■ What is required ■
Below are some records. How many of their lines contain the string "from"? Give the number only.

■ Provided entries ■
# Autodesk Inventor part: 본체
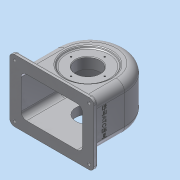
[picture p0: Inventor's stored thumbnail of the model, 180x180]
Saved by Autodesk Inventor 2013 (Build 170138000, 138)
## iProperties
Created: 2016-01
Part Number: 본체
Material: 알루미늄 6061
Document SubType Name: Modeling
Designer: Administrator
Density: 2.71 g/cm^3
Mass: 827.356 g
Surface Area: 1006.17 cm^2
Volume: 305.298 cm^3
Author: Administrator
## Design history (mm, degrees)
sketch "스케치1"
  geometry: L1 (-70, -53)-(70, -53); L2 (70, -53)-(70, -60); L3 (70, -60)-(-70, -60); L4 (-70, -60)-(-70, -53); L5 (-70, -53)-(70, -60); L6 (70, -53)-(-70, -60); L7 (-57, 4)-(-57, -53); L8 (57, 4)-(57, -53); C1 r 51 at (0, 4); A1 r 57 centre (0, 4) between (57, 4) and (-57, 4); 3 further points
  constraints: 16 end point, 3 midpoint, 3 parallel, 2 centre point, 2 perpendicular, 2 point on circle, 2 point on line, 2 tangent, 2 vertical alignment, 1 horizontal
  dimensions: "d0" = 140 distance of L2.end L3.end; "d1" = 7 distance of L1.end L2.end; "d2" = 60 distance from line of point (0, 0) L3; "d3" = 102 diameter of C1; "d4" = 64 distance from line of L3 C1.centre; "d6" = 6 radial gap between concentric circles of C1 A1
extrude "돌출1" new body sketch "스케치1" stored distance "d7" = 77; taper "d8" = 0 deg
extrude "돌출2" join sketch "스케치1" stored distance "d9" = 104; taper "d10" = 0 deg
feature "쉘1" dims "d11" = 6, "d12" = 5
sketch "스케치2"
  geometry: L1 (57, -38.5)-(-57, -38.5) reference; L2 (-57, -38.5)-(-57, 38.5) reference; L3 (-57, 38.5)-(57, 38.5) reference; L4 (57, 38.5)-(57, -38.5) reference; L5 (-51, 33.5)-(-51, -33.5) reference; L6 (-51, -33.5)-(51, -33.5) reference; L7 (51, -33.5)-(51, 33.5) reference; L8 (51, 33.5)-(-51, 33.5) reference; L9 (-51, 33.5)-(51, 33.5); L10 (51, 33.5)-(51, -33.5); L11 (51, -33.5)-(-51, -33.5); L12 (-51, -33.5)-(-51, 33.5); 1 further point
  constraints: 8 end point, 2 parallel, 1 horizontal, 1 perpendicular
extrude "돌출3" cut sketch "스케치2" stored distance "d13" = 10; taper "d14" = 0 deg
sketch "스케치3"
  geometry: C1 r 31 at (0, 0); 1 further point
  constraints: 1 centre point, 1 coincident
  dimensions: "d15" = 62 diameter of C1
extrude "돌출4" join sketch "스케치3" distance "d16" = 10; taper "d17" = 0 deg
hole "구멍1" diameter "d20" = 40; stored, may be unused: countersink angle "d24" = 90 deg, drill point angle "d26" = 0 deg; dims "d18" = 10, "d19" = 10, "d21" = 6, "d22" = 4, "d23" = 2, "d25" = 15
chamfer "모따기1" distance "d27" = 1; stored, may be unused: second distance "d28" = 2, angle "d29" = 45 deg
sketch "스케치4" dims "d30" = 48
  geometry: C1 r 31 at (0, 0) reference; C2 r 21 at (0, 0) reference; 2 further points
  constraints: 2 vertical alignment, 1 coincident, 2 other
hole "구멍2" sketch "스케치4" at (0, 24) diameter "d31" = 2.459; stored, may be unused: countersink angle "d35" = 90 deg, drill point angle "d37" = 118 deg; dims "d32" = 6, "d33" = 4, "d34" = 2, "d36" = 8
fillet "모깎기1" dims "d41" = 14
fillet "모깎기2" dims "d42" = 9
node "작업 평면1"
sketch "스케치5"
  geometry: C1 r 6 at (0, 0); 1 further point
  constraints: 1 centre point, 1 coincident
  dimensions: "d44" = 12 diameter of C1
extrude "돌출5" join sketch "스케치5" stored distance "d45" = 10; taper "d46" = 0 deg
fillet "모깎기3" dims "d47" = 3
hole "구멍3" diameter "d50" = 4.459; stored, may be unused: countersink angle "d54" = 90 deg, drill point angle "d56" = 118 deg; dims "d48" = 10, "d49" = 10, "d51" = 6, "d52" = 4, "d53" = 2, "d55" = 8
fillet "모깎기4" dims "d57" = 8
fillet "모깎기5" dims "d58" = 3
sketch "스케치6"
  geometry: 3 further points
  dimensions: "d59" = 44 vertical distance of point (62, -49) point (0, -5); "d60" = 62 horizontal distance of point (62, -49) point (0, -5); "d61" = 124 distance of point (124, -5) point (0, -5); "d62" = 44 vertical distance of point (124, -5) point (62, -49)
hole "구멍4" sketch "스케치6" at (0, -5), (124, -5) diameter "d63" = 5; stored, may be unused: countersink angle "d67" = 90 deg, drill point angle "d69" = 0 deg; dims "d64" = 6, "d65" = 4, "d66" = 2, "d68" = 7
node "작업 평면2"
sketch "스케치7"
  geometry: C1 r 28 at (0, -4); 1 further point
  constraints: 1 centre point, 1 coincident
  dimensions: "d74" = 56 diameter of C1
extrude "돌출6" join sketch "스케치7" stored distance "d75" = 10; taper "d76" = 40 deg
fillet "모깎기6" dims "d77" = 3
sketch "스케치8"
  geometry: L1 (64, 6)-(67, 6) reference; L2 (67, 6)-(67, 2.229) reference; L3 (67, 2.229)-(55, 2.229) reference; L4 (55, 2.229)-(55, 24.5) reference; L5 (46, 33.5)-(41.426, 33.5) reference; L6 (41.426, 33.5)-(28, 17.5) reference; L7 (28, 17.5)-(-28, 17.5) reference; L8 (-28, 17.5)-(-41.426, 33.5) reference; L9 (-41.426, 33.5)-(-60, 33.5) reference; L10 (-60, 33.5)-(-60, 52) reference; L11 (-60, 52)-(-56, 52) reference; L12 (-53, 49)-(-53, 38.5) reference; L13 (-53, 38.5)-(47, 38.5) reference; L14 (61, 24.5)-(61, 9) reference; L15 (-20, -47.5)-(-21, -48.5) reference; L16 (-21, -48.5)-(-22.771, -48.5) reference; L17 (-22.771, -48.5)-(-22.771, -40.5) reference; L18 (-22.771, -40.5)-(-24, -39.761) reference; L19 (-24, -39.761)-(-25.23, -40.5) reference; L20 (-25.23, -40.5)-(-25.23, -48.5) reference; L21 (-25.23, -48.5)-(-31, -48.5) reference; L22 (-31, -48.5)-(-31, -41.5) reference; L23 (-34, -38.5)-(-53, -38.5) reference; L24 (-53, -38.5)-(-53, -49) reference; L25 (-56, -52)-(-60, -52) reference; L26 (-60, -52)-(-60, -33.5) reference; L27 (-60, -33.5)-(-20, -33.5) reference; L28 (-20, -33.5)-(-20, -47.5) reference; L29 (21, -48.5)-(20, -47.5) reference; L30 (20, -47.5)-(20, -33.5) reference; L31 (20, -33.5)-(46, -33.5) reference; L32 (55, -24.5)-(55, -2.229) reference; L33 (55, -2.229)-(67, -2.229) reference; L34 (67, -2.229)-(67, -6) reference; L35 (67, -6)-(64, -6) reference; L36 (61, -9)-(61, -24.5) reference; L37 (47, -38.5)-(34, -38.5) reference; L38 (31, -41.5)-(31, -48.5) reference; L39 (31, -48.5)-(25.23, -48.5) reference; L40 (25.23, -48.5)-(25.23, -40.5) reference; L41 (25.23, -40.5)-(24, -39.761) reference; L42 (24, -39.761)-(22.771, -40.5) reference; L43 (22.771, -40.5)-(22.771, -48.5) reference; L44 (22.771, -48.5)-(21, -48.5) reference; L45 (39.094, 38.5)-(36.577, 35.5); L46 (36.577, 35.5)-(0, 35.5); L47 (39.094, 38.5)-(0, 38.5); L48 (0, 38.5)-(0, 35.5); A1 r 9 centre (46, 24.5) between (55, 24.5) and (46, 33.5) reference; A2 r 3 centre (-56, 49) between (-53, 49) and (-56, 52) reference; A3 r 14 centre (47, 24.5) between (61, 24.5) and (47, 38.5) reference; A4 r 3 centre (-34, -41.5) between (-31, -41.5) and (-34, -38.5) reference; A5 r 3 centre (-56, -49) between (-56, -52) and (-53, -49) reference; A6 r 9 centre (46, -24.5) between (46, -33.5) and (55, -24.5) reference; A7 r 14 centre (47, -24.5) between (47, -38.5) and (61, -24.5) reference; A8 r 3 centre (34, -41.5) between (34, -38.5) and (31, -41.5) reference; 2 further points
  constraints: 8 end point, 2 parallel, 2 point on line, 1 midpoint, 1 perpendicular, 1 vertical alignment, 2 other
  dimensions: "d78" = 5 distance between parallel lines of L45 L6; "d79" = 3 distance between parallel lines of L13 L46
revolve "회전1" sketch "스케치8" stored, may be unused: angle "d80" = 90 deg
sketch "스케치9"
  geometry: C1 r 36.577 at (0, 0) reference; C2 r 20 at (0, 0)
  constraints: 1 centre point, 1 coincident
  dimensions: "d81" = 40 diameter of C2
extrude "돌출7" cut sketch "스케치9" stored distance "d82" = 10; taper "d83" = 0 deg
sketch "스케치10" dims "d84" = 56
  geometry: C1 r 20 at (0, 0) reference; C2 r 36.577 at (0, 0) reference; 2 further points
  constraints: 2 vertical alignment, 1 coincident, 2 other
hole "구멍5" sketch "스케치10" at (0, 28) diameter "d85" = 2.459; stored, may be unused: countersink angle "d89" = 90 deg, drill point angle "d91" = 118 deg; dims "d86" = 7, "d87" = 4, "d88" = 2, "d90" = 9
chamfer "모따기2" distance "d95" = 1; stored, may be unused: second distance "d96" = 2, angle "d97" = 45 deg
fillet "모깎기7" dims "d98" = 3
chamfer "모따기3" distance "d99" = 1; stored, may be unused: second distance "d100" = 2, angle "d101" = 45 deg
sketch "스케치11"
  geometry: L1 (-63, 57)-(-63, 0) reference; L2 (19.5, -7)-(-68.5, -7) reference; 2 further points
  constraints: 1 other
  dimensions: "d102" = 38.5 distance from line of L1 point (-24.5, 23); "d103" = 30 distance from line of L2 point (-24.5, 23)
feature "엠보싱1" sketch "스케치11" dims "d104" = 0.5, "d105" = 0
fillet "모깎기8" dims "d106" = 1
node "솔리드1"
pattern_circular "원형 패턴1" dims angle "d39" = 360 deg
pattern_linear "직사각형 패턴1" dims "d72" = 88
pattern_circular "원형 패턴2" dims angle "d93" = 360 deg
node "절단 모서리 투영1"
node "절단 모서리 투영2"
other parameters: "d43" = 67, "d73" = 16

■ Reply ■
2